| EXTRACTED DATA |
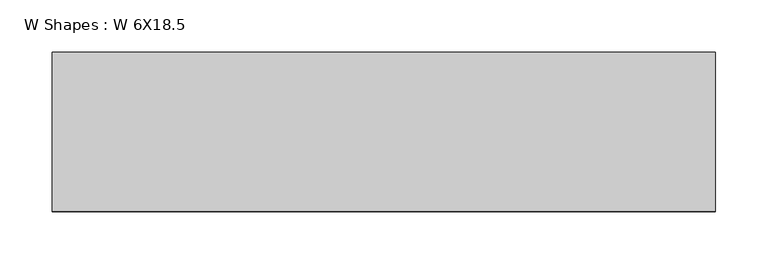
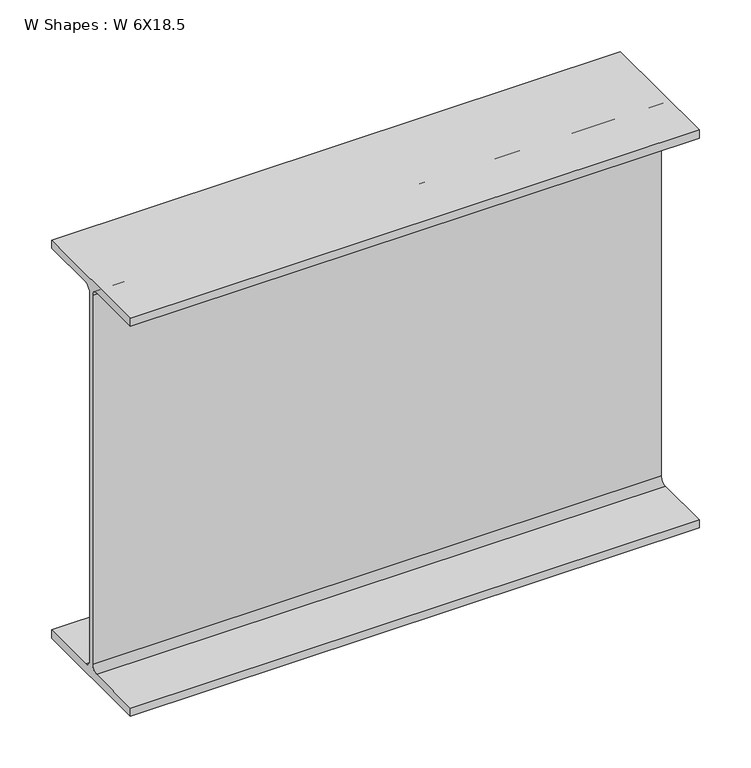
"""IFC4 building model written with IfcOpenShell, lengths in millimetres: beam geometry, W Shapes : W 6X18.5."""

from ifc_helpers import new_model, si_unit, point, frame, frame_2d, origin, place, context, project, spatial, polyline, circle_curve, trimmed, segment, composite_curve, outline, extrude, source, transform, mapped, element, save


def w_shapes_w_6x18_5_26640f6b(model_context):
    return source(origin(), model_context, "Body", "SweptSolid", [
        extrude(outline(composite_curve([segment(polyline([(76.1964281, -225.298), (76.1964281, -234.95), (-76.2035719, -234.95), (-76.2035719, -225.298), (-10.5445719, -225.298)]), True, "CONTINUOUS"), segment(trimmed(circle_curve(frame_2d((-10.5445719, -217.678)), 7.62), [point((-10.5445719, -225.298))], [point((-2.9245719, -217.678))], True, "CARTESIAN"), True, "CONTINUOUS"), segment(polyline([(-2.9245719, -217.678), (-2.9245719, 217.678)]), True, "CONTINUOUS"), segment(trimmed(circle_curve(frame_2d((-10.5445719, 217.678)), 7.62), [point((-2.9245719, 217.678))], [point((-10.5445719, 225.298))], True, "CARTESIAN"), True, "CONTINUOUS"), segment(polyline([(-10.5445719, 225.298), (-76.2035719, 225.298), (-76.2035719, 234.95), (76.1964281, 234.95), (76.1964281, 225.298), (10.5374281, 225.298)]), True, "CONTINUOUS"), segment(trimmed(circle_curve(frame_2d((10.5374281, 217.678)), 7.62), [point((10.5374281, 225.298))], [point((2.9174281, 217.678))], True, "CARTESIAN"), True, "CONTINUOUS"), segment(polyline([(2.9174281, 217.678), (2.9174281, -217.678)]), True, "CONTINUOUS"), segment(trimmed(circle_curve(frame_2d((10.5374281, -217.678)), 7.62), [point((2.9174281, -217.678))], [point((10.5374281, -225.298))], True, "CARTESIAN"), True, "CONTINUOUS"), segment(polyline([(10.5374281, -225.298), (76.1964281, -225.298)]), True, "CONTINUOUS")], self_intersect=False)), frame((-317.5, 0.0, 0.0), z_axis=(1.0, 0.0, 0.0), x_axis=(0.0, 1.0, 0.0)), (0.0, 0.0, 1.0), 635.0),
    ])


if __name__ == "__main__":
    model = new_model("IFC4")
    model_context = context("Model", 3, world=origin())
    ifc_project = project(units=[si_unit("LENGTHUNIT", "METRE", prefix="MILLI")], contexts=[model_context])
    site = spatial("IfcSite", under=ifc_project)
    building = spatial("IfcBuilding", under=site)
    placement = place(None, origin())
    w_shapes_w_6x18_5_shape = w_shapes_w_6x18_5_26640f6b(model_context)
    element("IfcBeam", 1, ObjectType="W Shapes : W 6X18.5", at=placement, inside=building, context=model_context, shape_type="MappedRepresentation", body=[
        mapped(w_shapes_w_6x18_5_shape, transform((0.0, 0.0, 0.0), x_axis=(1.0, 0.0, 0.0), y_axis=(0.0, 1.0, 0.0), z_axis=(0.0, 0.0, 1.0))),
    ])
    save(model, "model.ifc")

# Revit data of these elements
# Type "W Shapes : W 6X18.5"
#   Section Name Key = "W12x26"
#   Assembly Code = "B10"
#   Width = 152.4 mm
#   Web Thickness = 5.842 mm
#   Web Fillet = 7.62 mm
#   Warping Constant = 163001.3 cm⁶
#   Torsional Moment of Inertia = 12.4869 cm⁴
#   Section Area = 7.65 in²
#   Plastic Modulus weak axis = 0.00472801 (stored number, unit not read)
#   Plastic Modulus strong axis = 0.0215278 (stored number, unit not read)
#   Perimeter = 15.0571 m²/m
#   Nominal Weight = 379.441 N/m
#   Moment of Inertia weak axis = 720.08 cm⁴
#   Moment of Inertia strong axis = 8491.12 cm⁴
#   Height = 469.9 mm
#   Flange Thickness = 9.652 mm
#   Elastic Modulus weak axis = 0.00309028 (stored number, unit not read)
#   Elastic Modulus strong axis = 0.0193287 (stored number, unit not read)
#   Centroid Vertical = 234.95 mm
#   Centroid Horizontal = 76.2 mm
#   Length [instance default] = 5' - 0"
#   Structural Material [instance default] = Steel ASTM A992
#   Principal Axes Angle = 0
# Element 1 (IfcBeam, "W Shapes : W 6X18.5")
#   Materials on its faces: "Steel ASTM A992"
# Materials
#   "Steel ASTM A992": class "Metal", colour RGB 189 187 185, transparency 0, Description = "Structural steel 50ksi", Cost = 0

| PROBLEM REQUIREMENTS |
Only the lines from the one containing "Height = 469.9 mm" through the last line of the material should be returned, each one exactly as written.

| EXERCISE RESULT |
#   Height = 469.9 mm
#   Flange Thickness = 9.652 mm
#   Elastic Modulus weak axis = 0.00309028 (stored number, unit not read)
#   Elastic Modulus strong axis = 0.0193287 (stored number, unit not read)
#   Centroid Vertical = 234.95 mm
#   Centroid Horizontal = 76.2 mm
#   Length [instance default] = 5' - 0"
#   Structural Material [instance default] = Steel ASTM A992
#   Principal Axes Angle = 0
# Element 1 (IfcBeam, "W Shapes : W 6X18.5")
#   Materials on its faces: "Steel ASTM A992"
# Materials
#   "Steel ASTM A992": class "Metal", colour RGB 189 187 185, transparency 0, Description = "Structural steel 50ksi", Cost = 0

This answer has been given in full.